___ Input data ___

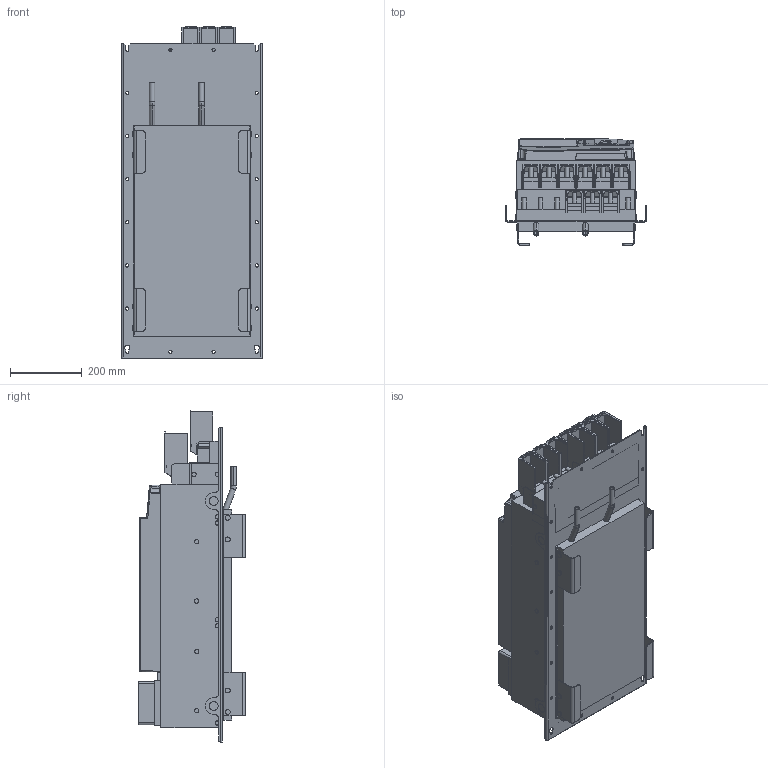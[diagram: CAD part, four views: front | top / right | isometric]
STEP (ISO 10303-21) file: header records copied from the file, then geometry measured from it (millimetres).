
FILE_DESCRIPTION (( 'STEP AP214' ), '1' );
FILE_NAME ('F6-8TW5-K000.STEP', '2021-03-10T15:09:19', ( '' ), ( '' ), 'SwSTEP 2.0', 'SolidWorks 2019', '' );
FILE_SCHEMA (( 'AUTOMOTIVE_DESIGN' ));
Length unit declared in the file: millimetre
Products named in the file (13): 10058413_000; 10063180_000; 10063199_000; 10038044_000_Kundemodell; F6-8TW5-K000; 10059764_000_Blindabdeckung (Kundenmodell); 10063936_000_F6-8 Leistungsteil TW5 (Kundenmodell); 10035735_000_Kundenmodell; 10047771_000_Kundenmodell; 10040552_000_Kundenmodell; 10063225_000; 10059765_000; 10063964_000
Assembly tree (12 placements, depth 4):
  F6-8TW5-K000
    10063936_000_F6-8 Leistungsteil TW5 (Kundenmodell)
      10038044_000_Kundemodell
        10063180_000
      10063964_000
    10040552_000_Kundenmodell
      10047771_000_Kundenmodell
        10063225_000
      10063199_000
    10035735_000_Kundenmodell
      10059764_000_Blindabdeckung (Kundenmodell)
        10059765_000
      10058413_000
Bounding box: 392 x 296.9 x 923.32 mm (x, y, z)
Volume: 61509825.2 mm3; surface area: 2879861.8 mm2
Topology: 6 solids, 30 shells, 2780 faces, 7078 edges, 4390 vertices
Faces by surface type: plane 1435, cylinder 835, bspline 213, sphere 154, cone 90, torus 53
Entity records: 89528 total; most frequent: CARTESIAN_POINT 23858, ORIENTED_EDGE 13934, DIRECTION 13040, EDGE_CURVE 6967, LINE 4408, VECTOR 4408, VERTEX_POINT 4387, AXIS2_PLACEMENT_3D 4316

___

Your instructions -
Write the records out again exactly as shown above, keeping no pictures.

Expected answer -
[diagram: CAD part, four views: front | top / right | isometric]
STEP (ISO 10303-21) file: header records copied from the file, then geometry measured from it (millimetres).
FILE_DESCRIPTION (( 'STEP AP214' ), '1' );
FILE_NAME ('F6-8TW5-K000.STEP', '2021-03-10T15:09:19', ( '' ), ( '' ), 'SwSTEP 2.0', 'SolidWorks 2019', '' );
FILE_SCHEMA (( 'AUTOMOTIVE_DESIGN' ));
Length unit declared in the file: millimetre
Products named in the file (13): 10058413_000; 10063180_000; 10063199_000; 10038044_000_Kundemodell; F6-8TW5-K000; 10059764_000_Blindabdeckung (Kundenmodell); 10063936_000_F6-8 Leistungsteil TW5 (Kundenmodell); 10035735_000_Kundenmodell; 10047771_000_Kundenmodell; 10040552_000_Kundenmodell; 10063225_000; 10059765_000; 10063964_000
Assembly tree (12 placements, depth 4):
  F6-8TW5-K000
    10063936_000_F6-8 Leistungsteil TW5 (Kundenmodell)
      10038044_000_Kundemodell
        10063180_000
      10063964_000
    10040552_000_Kundenmodell
      10047771_000_Kundenmodell
        10063225_000
      10063199_000
    10035735_000_Kundenmodell
      10059764_000_Blindabdeckung (Kundenmodell)
        10059765_000
      10058413_000
Bounding box: 392 x 296.9 x 923.32 mm (x, y, z)
Volume: 61509825.2 mm3; surface area: 2879861.8 mm2
Topology: 6 solids, 30 shells, 2780 faces, 7078 edges, 4390 vertices
Faces by surface type: plane 1435, cylinder 835, bspline 213, sphere 154, cone 90, torus 53
Entity records: 89528 total; most frequent: CARTESIAN_POINT 23858, ORIENTED_EDGE 13934, DIRECTION 13040, EDGE_CURVE 6967, LINE 4408, VECTOR 4408, VERTEX_POINT 4387, AXIS2_PLACEMENT_3D 4316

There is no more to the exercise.